Markus Bernauer, Matthias Boenig: Bearbeitung der digitalen Edition.
(2016-11-22T14:52:17Z)
Weitere Informationen:
Die digitale Edition der Briefe Jean Pauls im Deutschen Textarchiv basiert auf der von Eduard Berend herausgegebenen III. Abteilung der Historisch-kritischen Ausgabe mit den Briefen Jean Pauls. Die Bände werden im Faksimile und in getreuer Umschrift ohne Korrekturen vollständig zugänglich gemacht. Nicht aufgenommen, da in der hier gewählten Präsentation kaum nutzbar, sind Berends umfangreiche Register über die III. Abteilung in Band III/9, die in das elektronische Gesamtregister über die Briefe von und an Jean Paul eingegangen sind. Das bedeutet: Aufbewahrungsorte von Handschriften sowie veraltete Literaturverweise blieben ebenso bestehen wie die Nummern der von Jean Paul beantworteten Briefe oder der an ihn gerichteten Antworten, Nummern, die sich auf die Regesten in den digitalisierten Bänden beziehen und nicht auf die neue IV. Abteilung mit den Briefen an Jean Paul (s. dort die Konkordanzen).

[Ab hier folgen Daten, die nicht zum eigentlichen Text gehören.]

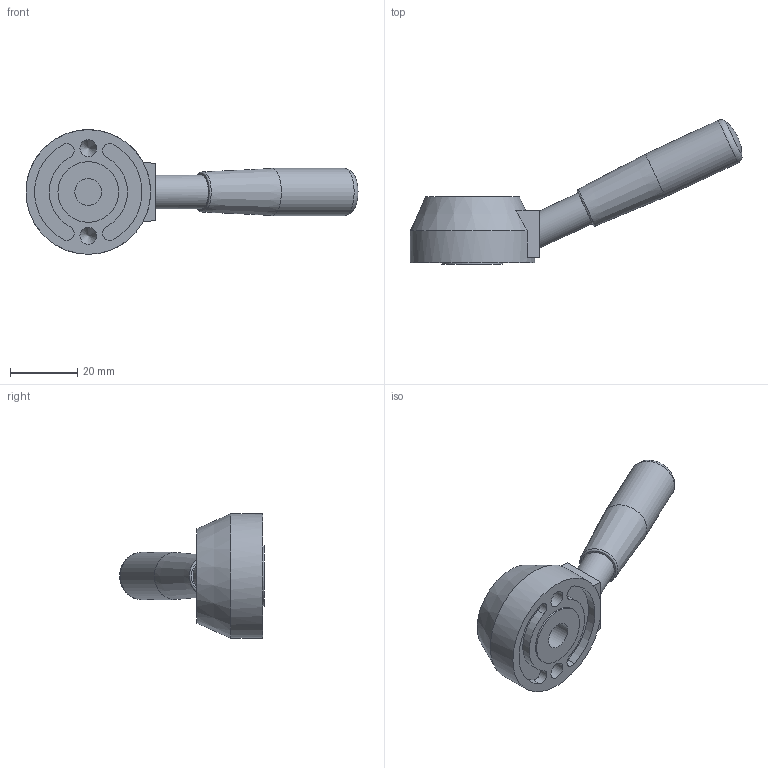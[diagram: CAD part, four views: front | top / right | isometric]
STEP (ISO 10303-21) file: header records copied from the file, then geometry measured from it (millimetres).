
FILE_DESCRIPTION( ( 'STEP AP203' ), '1' );
FILE_NAME( 'C:/Temp/Ganter_Step_05_03_2020/data/2_1/gn_512/gn_512_b/Control lever GN 512-37-B8.stp', '2020-03-05T11:51:35', ( 'License CC BY-ND 4.0' ), ( 'CADENAS' ), ' ', 'PARTsolutions', ' ' );
FILE_SCHEMA( ( 'CONFIG_CONTROL_DESIGN' ) );
Length unit declared in the file: millimetre
Products named in the file (1): _Control lever GN 512-37-B8
Bounding box: 98.59 x 42.95 x 37 mm (x, y, z)
Volume: 25323 mm3; surface area: 8028.6 mm2
Topology: 1 solids, 1 shells, 36 faces, 80 edges, 52 vertices
Faces by surface type: cylinder 16, plane 13, cone 4, torus 2, sphere 1
Full cylindrical faces by diameter (mm): 5 x2, 8 x1, 10 x1, 14 x1, 18 x1, 21 x1, 37 x1
Entity records: 930 total; most frequent: DIRECTION 168, CARTESIAN_POINT 149, ORIENTED_EDGE 116, AXIS2_PLACEMENT_3D 75, EDGE_CURVE 58, EDGE_LOOP 57, VERTEX_POINT 48, FACE_OUTER_BOUND 46
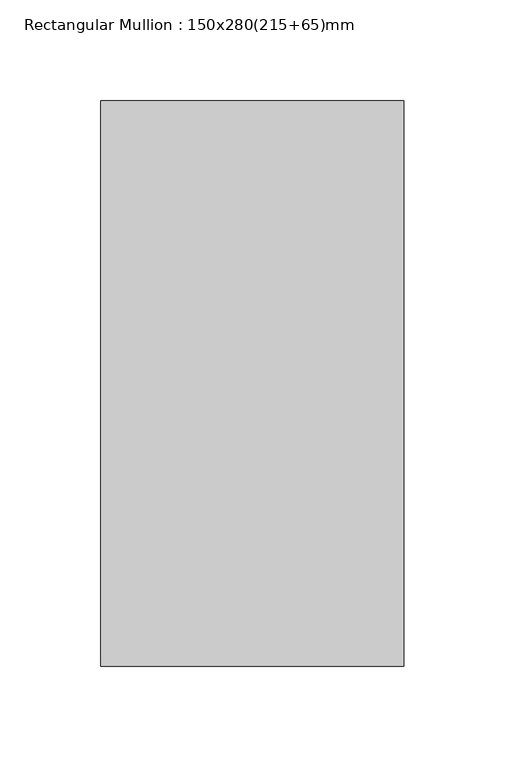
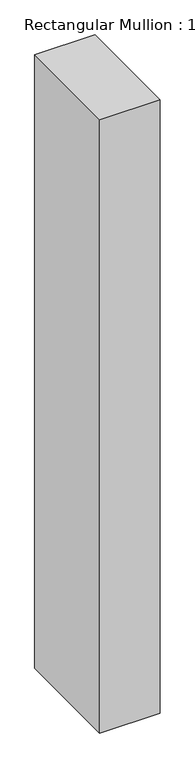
"""IFC4 building model written with IfcOpenShell, lengths in millimetres: member geometry, Rectangular Mullion : 150x280(215+65)mm."""

from ifc_helpers import new_model, si_unit, frame, origin, place, context, project, spatial, polyline, outline, extrude, source, transform, mapped, element, save


def rectangular_mullion_150x280_215_65_mm_4d04e392(model_context):
    return source(origin(), model_context, "Body", "SweptSolid", [
        extrude(outline(polyline([(0.0, 65.0), (0.0, -215.0), (-150.0, -215.0), (-150.0, 65.0), (0.0, 65.0)])), frame((0.0, 0.0, -1611.3395588), z_axis=(0.0, 0.0, 1.0), x_axis=(1.0, 0.0, 0.0)), (0.0, 0.0, 1.0), 1611.3395588),
    ])


if __name__ == "__main__":
    model = new_model("IFC4")
    model_context = context("Model", 3, world=origin())
    ifc_project = project(units=[si_unit("LENGTHUNIT", "METRE", prefix="MILLI")], contexts=[model_context])
    site = spatial("IfcSite", under=ifc_project)
    building = spatial("IfcBuilding", under=site)
    placement = place(None, origin())
    rectangular_mullion_150x280_215_65_mm_shape = rectangular_mullion_150x280_215_65_mm_4d04e392(model_context)
    element("IfcMember", 1, ObjectType="Rectangular Mullion : 150x280(215+65)mm", at=placement, inside=building, context=model_context, shape_type="MappedRepresentation", body=[
        mapped(rectangular_mullion_150x280_215_65_mm_shape, transform((0.0, 0.0, 0.0), x_axis=(1.0, 0.0, 0.0), y_axis=(0.0, 1.0, 0.0), z_axis=(0.0, 0.0, 1.0))),
    ])
    save(model, "model.ifc")

Eine andere, briefzentrierte digitale Edition der Briefe Jean Pauls ist derzeit als Gemeinschaftsprojekt der Jean-Paul-Edition und der Initiative TELOTA in Vorbereitung. Die Metadaten dieser Ausgabe sowie veraltete Verweise in den Erläuterungen werden dort so weit als möglich aktualisiert. Die Digitalisierung wurde durch die Deutsche Forschungsgemeinschaft (DFG) gefördert.
Jean Paul: Dritte Abteilung Briefe. In: Jean Pauls Sämtliche Werke. Historisch-kritische Ausgabe. Abt. 3, Bd. 1. Berlin, 1956, S. 54. In: Deutsches Textarchiv <https://www.deutschestextarchiv.de/jeanpaul_briefe01_1956/77>, abgerufen am 27.11.2024.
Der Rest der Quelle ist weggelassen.